Click Share Vs Impression Share – Which One Should You Care About?
The more aggressive your bids are, the more impression share you own, the more conversions you get. Simple, right? Well, not quite… Let’s start by breaking down what the famous share metrics actually mean!
Metric Definitions
Here is how Google define these terms:
- Search Impression Share: Impressions you’ve received on the Search Network divided by the estimated number of impressions you were eligible to receive.
- Impression Share (Top%): percent of your impressions that are shown anywhere above the organic search results
- Click Share: Number of clicks you’ve received on the Search Network divided by the estimated maximum number of clicks that you could have received.
Is it really all about showing on top of the Search Results?
It is hard to deny the impact of standing at one of the top spots on the Google search results. The platform boasts an incredible volume of highly qualified, action-ready customers. This consideration has led to continuous bidding wars as advertisers compete for traffic from their top valued keywords. In this aggressive battle, it can be easy to forget why digital advertising was a revolution: It’s all about targeting, who we show our ads to, and not how many people see it.
Impression share shows how often an ad appears, while click share demonstrates the frequency in which it is clicked. At the end of the day, quality website traffic is what we are after.
Following this philosophy, the plan on one of my accounts has been to create campaigns based on demographics. Each age group and gender was given its own campaign. For example, 64+ females and 18-24 males would both get their own separate campaigns. The result can be seen in the graph below: our advertising cost was cut by a half and our ads garnered more click share.
How is it possible that simply building campaigns around demographics can lead to a 49% decrease cost and a 64% increase in click share all at once. You would think that in a very competitive space, only bidding higher to maximize impression share can lead to a higher click share. In this instance, the exact opposite happened. To explain this rather counterintuitive result, let’s rephrase this blog title in a slightly different way.
Click share vs Impression Share, which one does Google care about?
Google’s number one goal is always going to be revenue. To do so, they will seek to provide users with the most useful, relevant query possible to maximize the chance of a paid click.
The giant’s triumph resides in his ability to successfully match the user intent to specific web pages. Therefore, the success of an advertiser on Google search ultimately depends on their ability to match their ads to the user intent. While keywords are powerful tools for targeting intents, they are only a first step.
Google provides us with countless information about the user that helps us evaluate with more precision what the intent behind a query can be and yellow Ferraris can help us understand how big of a difference this audience information can make.
The Yellow Ferraris (cause really I like them, and I know you do too…)

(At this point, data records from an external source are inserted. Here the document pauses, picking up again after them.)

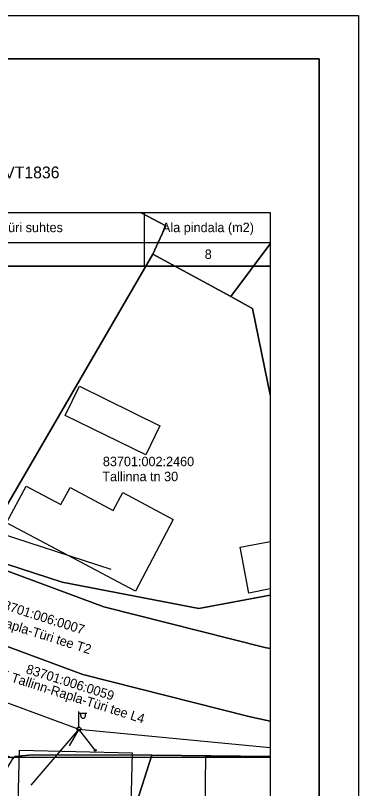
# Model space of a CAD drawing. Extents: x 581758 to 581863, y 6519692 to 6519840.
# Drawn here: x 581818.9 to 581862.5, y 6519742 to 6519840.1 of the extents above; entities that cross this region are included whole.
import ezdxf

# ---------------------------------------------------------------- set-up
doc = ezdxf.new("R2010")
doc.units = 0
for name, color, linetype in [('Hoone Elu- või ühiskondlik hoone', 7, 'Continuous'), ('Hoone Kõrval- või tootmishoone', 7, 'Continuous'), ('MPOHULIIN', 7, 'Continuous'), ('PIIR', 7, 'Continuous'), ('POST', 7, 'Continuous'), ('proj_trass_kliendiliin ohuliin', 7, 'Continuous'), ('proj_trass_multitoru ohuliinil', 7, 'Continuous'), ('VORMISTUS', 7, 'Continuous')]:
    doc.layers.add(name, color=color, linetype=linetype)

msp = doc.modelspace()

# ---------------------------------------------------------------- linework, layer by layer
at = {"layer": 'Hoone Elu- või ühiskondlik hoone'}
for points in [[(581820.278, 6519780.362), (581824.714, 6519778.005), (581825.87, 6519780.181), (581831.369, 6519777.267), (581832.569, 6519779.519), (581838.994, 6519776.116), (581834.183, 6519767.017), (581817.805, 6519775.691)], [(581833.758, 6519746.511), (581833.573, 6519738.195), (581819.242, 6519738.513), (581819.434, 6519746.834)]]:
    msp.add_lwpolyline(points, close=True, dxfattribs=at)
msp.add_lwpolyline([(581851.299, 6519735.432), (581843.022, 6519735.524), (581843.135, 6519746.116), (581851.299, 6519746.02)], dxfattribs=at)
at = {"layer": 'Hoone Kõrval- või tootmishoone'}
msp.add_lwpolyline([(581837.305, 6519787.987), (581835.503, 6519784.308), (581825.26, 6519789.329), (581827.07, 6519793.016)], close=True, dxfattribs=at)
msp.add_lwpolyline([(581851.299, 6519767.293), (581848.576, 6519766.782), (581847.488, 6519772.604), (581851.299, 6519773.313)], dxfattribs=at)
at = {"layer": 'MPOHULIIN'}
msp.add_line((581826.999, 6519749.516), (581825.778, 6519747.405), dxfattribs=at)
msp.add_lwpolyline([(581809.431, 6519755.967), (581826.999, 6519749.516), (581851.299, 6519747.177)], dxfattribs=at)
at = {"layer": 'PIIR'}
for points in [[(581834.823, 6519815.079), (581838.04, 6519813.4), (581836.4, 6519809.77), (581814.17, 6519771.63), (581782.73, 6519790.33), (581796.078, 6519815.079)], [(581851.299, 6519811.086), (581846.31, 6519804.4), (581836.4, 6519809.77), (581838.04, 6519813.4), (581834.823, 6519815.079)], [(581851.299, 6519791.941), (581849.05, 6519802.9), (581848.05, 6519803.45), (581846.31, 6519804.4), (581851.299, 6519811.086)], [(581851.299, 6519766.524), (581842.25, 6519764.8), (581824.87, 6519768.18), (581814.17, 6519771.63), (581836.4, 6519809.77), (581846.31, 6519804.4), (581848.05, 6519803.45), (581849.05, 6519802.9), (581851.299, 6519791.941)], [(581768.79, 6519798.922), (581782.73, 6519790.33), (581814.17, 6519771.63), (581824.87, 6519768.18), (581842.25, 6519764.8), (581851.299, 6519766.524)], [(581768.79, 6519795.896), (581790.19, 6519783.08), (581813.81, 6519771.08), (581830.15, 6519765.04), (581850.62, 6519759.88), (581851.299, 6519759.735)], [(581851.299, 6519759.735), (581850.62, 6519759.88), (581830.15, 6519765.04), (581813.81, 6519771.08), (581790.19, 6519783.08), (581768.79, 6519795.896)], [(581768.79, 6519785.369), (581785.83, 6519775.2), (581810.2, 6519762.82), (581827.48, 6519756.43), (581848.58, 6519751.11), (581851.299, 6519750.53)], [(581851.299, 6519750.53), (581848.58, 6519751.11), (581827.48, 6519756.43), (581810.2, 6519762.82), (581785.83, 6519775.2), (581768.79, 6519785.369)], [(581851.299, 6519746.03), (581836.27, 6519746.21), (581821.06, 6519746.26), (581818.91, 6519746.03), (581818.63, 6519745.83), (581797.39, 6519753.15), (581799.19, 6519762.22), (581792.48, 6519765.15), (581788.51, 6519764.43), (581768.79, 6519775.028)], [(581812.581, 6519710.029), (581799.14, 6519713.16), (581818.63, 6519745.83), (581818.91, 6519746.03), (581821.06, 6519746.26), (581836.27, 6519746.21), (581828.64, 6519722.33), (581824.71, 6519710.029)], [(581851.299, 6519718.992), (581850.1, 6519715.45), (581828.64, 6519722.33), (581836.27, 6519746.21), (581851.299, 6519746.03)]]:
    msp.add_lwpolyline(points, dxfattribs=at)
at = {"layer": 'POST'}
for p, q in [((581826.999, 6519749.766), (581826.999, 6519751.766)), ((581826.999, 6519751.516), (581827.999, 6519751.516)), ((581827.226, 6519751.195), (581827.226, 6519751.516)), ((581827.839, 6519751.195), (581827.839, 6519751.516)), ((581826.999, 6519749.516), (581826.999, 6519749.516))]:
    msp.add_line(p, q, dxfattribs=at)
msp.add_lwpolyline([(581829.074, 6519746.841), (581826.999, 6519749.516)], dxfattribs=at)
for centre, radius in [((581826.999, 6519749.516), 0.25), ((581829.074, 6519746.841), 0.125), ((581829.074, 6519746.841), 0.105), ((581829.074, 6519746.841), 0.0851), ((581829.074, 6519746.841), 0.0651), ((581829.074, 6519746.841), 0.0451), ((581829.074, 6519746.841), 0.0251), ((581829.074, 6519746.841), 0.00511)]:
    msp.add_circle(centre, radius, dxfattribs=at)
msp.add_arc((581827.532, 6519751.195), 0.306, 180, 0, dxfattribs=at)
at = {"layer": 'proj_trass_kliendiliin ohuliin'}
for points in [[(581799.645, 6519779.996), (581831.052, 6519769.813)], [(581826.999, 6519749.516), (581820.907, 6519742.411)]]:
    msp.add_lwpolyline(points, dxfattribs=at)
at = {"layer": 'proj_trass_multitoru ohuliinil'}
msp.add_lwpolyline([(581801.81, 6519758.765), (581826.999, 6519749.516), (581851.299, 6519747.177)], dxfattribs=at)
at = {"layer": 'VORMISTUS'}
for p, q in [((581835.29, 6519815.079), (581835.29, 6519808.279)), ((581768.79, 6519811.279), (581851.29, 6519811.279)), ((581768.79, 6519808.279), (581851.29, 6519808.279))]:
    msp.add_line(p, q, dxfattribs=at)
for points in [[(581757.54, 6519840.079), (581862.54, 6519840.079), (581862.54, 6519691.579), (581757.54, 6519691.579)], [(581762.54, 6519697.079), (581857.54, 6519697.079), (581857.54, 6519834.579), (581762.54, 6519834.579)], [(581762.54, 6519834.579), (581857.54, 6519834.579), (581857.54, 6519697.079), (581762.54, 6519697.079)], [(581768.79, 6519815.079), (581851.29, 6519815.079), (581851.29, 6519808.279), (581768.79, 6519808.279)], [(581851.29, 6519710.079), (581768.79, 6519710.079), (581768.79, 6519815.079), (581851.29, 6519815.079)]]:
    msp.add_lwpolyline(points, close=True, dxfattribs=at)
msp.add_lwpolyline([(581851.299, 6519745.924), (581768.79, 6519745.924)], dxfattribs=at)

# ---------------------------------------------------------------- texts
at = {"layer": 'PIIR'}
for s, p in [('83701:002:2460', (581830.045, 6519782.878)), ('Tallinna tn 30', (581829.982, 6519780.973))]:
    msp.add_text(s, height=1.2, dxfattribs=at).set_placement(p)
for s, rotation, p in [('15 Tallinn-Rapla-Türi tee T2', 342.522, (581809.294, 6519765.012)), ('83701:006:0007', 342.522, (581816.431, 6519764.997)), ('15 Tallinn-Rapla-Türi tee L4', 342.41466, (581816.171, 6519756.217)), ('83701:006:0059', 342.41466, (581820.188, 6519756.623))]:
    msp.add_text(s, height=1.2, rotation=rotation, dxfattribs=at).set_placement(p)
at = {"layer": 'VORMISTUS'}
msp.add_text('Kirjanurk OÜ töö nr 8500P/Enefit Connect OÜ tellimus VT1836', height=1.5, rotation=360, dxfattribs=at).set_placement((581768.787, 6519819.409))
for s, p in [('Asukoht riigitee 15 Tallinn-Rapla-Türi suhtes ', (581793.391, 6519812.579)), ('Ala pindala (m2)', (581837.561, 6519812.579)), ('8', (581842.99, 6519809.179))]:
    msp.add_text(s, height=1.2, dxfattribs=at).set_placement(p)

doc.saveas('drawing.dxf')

What is the difference between a 21-year-old, recent graduate, searching “Yellow Ferrari prices” and a 50-year-old, restaurant owner, searching “Yellow Ferrari prices”? The former is probably debating the topic with his friends in a restaurant, while the restaurant owner is actually trying to buy one. Same query, two different intents.
Going beyond keywords and looking at the audience behind the query allows advertisers to better match user intents and ride along Google’s boat, which, guess what, kind of seduces Google. If you are advertising yellow Ferraris, Google will favor you if you only show to high-income earners and could severely penalize you for bothering college students who simply do not care about buying such an expensive car at the moment.
By literally buying impression share, you are moving into irrelevant audiences. By going after click share, you are maximizing on your best audiences. Someone wants a Ferrari, you sell a Ferrari, deal! The user is happy, you are happy, and Google is happy and gives you the top spot you were craving for.
Yes, Google Rewards Effective Advertisers!
When ads are relevant, they get a better click-through rate, which then leads to a higher click share signaling Google that you are doing something right. Only in this situation will Google give you the top spot you deserve. The graph below shows the relationship between click-share, (top) impression share, and click-through rate during the same period of time for the client mentioned earlier.
It can clearly be observed that our impression share skyrocketed. So the final line is: it is not about showing as often as possible, it is about showing to the right person, as often as possible.
Instead of thinking about being on top of the page, we can think about serving the right user, which can be measured with our click share, and then Google will put us on top of the page, which we can see through our top impression share.
This can be done by leveraging all the user data available in Google such as detailed demographics, locations, affinity audiences, in-market audiences and more.
Our PPC Genius, Connor Regan, wrote a blog post that extensively touches on What Google audiences are and how they are determined. In the example mentioned above, the client campaigns were segmented based on demographics targeting: each campaign targeted a dedicated age group and gender. You might find better results segmenting your campaigns by locations for example.
At this point, you probably know to a good extent who your target audience is, so the ball is in your court. Think “relevance”, think “click share” first, and the rest will be given to you. Good luck!